祁柔很多時候都在質疑自己跟徐崢然發生的點點滴滴,她甚至不相信世界上真的有徐崢然這個樣的一個人存在過,可是心裏就是被什麽東西填滿著,好像想起了那個人,就會發自內心的笑。
這種感覺從沒有過,祁柔的手指劃過窗戶,心裏泛起陣陣苦澀。
&
“二爺,二爺!”伊斯塔看著緩緩倒下去的徐崢然連忙跑到了他的身邊,“二爺,你怎麽了?”
徐崢然臉色蒼白的沒有一絲血色,伊斯塔不敢有一刻怠慢,趕緊送往了就近的醫院。
伊斯塔清楚的看見了一下午徐崢然都站在徐家公館的門口,他的目光一直在看祁柔房間的方向,堅定不移。

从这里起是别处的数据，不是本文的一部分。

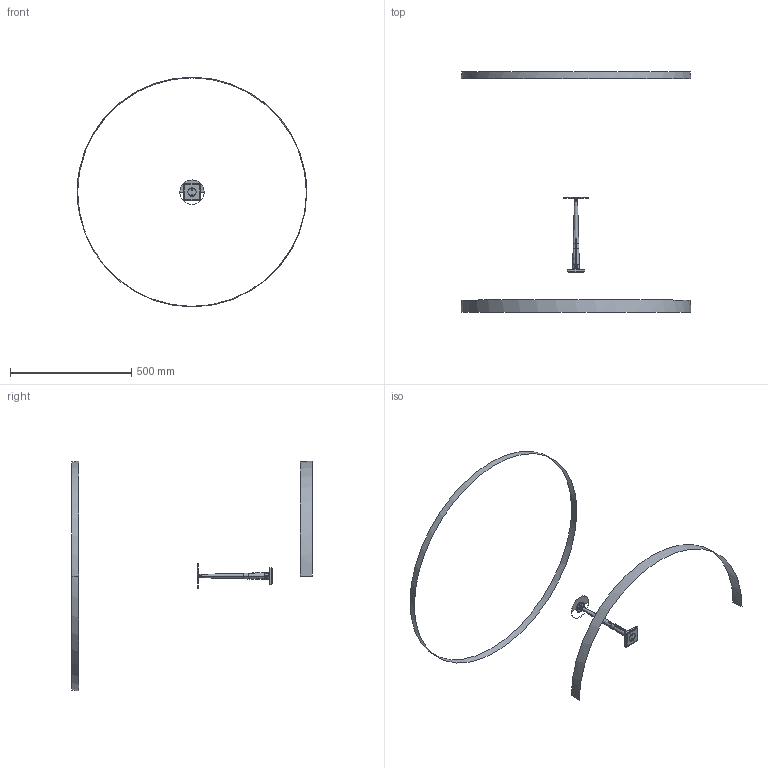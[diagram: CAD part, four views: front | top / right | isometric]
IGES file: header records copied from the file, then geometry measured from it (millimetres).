
Start section: SolidWorks IGES file using analytic representation for surfaces
Global section: file name: N:\- Ingeneria\DISEGNI\PRODOTTI\PORTOFINO\800PORLWW111_PORTOFINO.IGS; native system: SolidWorks 2016; preprocessor: SolidWorks 2016; author: BenedettoLiVolsi; date: 230704.154338; units: millimetre
Bounding box: 946.05 x 989.05 x 945.44 mm (x, y, z)
Surface area: 231362.7 mm2 (no closed solid volume)
Topology: 0 solids, 0 shells, 1119 faces, 14667 edges, 14660 vertices
Faces by surface type: bspline 924, revolution 195
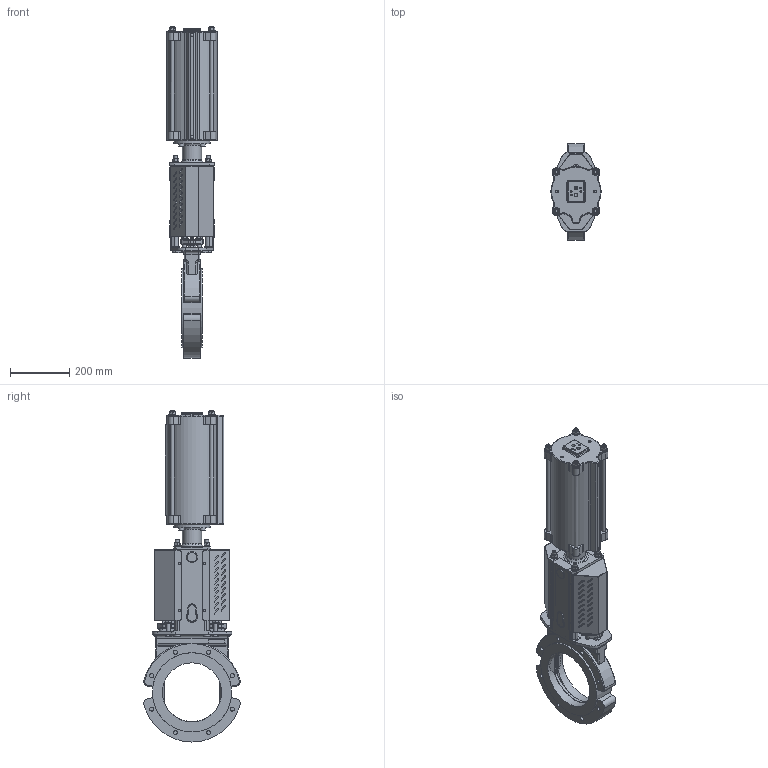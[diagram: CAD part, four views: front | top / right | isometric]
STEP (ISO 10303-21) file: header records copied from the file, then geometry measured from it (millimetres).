
FILE_DESCRIPTION(/* description */ (''),/* implementation_level */ '2;1');
FILE_NAME(/* name */ 'F:\Emir\3D-block special\WB\WB14-WFL-DN200-PN10-FRSC160-215.stp',/* time_stamp */ '2018-09-10T12:55:25+02:00',/* author */ ('emimus'),/* organization */ (''),/* preprocessor_version */ 'ST-DEVELOPER v17.2',/* originating_system */ 'Autodesk Inventor 2019',/* authorisation */ '');
FILE_SCHEMA (('CONFIG_CONTROL_DESIGN'));
Products named in the file (1): WB14-WFL-DN200-PN10-FRSC160-215_Shrinkwrap_1
Bounding box: 170 x 326.88 x 1123.9 mm (x, y, z)
Volume: 8192178.6 mm3; surface area: 1871044.9 mm2
Topology: 1 solids, 1 shells, 2494 faces, 6389 edges, 3951 vertices
Faces by surface type: plane 936, cylinder 788, bspline 261, cone 214, torus 203, sphere 92
Full cylindrical faces by diameter (mm): 3 x5, 4 x6, 4.134 x4, 4.2 x16, 4.5 x4, 4.917 x4, 8 x2, 8.376 x2, 9.5 x4, 10 x11, 10.106 x4, 11.445 x2, 12 x28, 13 x17, 13.835 x16, 15 x1, 16 x6, 17.294 x1, 17.7 x1, 18 x4, 20 x1, 24 x14, 28 x2, 30 x1, 30.1 x2, 34 x1, 35 x1, 36 x1, 36.4 x1, 38 x3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
Entity records: 86110 total; most frequent: CARTESIAN_POINT 26039, DIRECTION 12858, ORIENTED_EDGE 12682, EDGE_CURVE 6341, AXIS2_PLACEMENT_3D 5142, VERTEX_POINT 3951, EDGE_LOOP 2786, CIRCLE 2637

醫生為徐崢然檢查過通知是傷口的發炎伴著高燒,要留院觀察。
伊斯塔跟芳姨說明了徐崢然的狀況,雖然肯定要麵對芳姨的質疑還有責罵,但是伊斯塔希望芳姨能意識到自己的錯誤。
徐崢然不是鐵打的。
時間一分一秒過去了,芳姨說一會來卻並沒有到。
伊斯塔急的在房間直跺腳,聞訊趕來的嚴浩軒看著床上躺著的徐崢然嘴角泛起一絲苦笑,叱吒商場的徐崢然,終究是逃不過一個情字。
徐崢然醒來之後看著四周潔白的裝飾:“我怎麽在這?”
“二爺,您傷口發炎暈倒了,還有您現在正在高燒醫生說要留院觀察!”伊斯塔恭敬的拿起了水杯放在徐崢然的麵前,“請吃藥。”
徐崢然接過水杯跟藥片一飲而盡,他看了看手機上麵的時間,已經晚上八點。
“崢然,你怎麽搞的?”芳姨人還沒進屋徐崢然就聽見了她說話的聲音。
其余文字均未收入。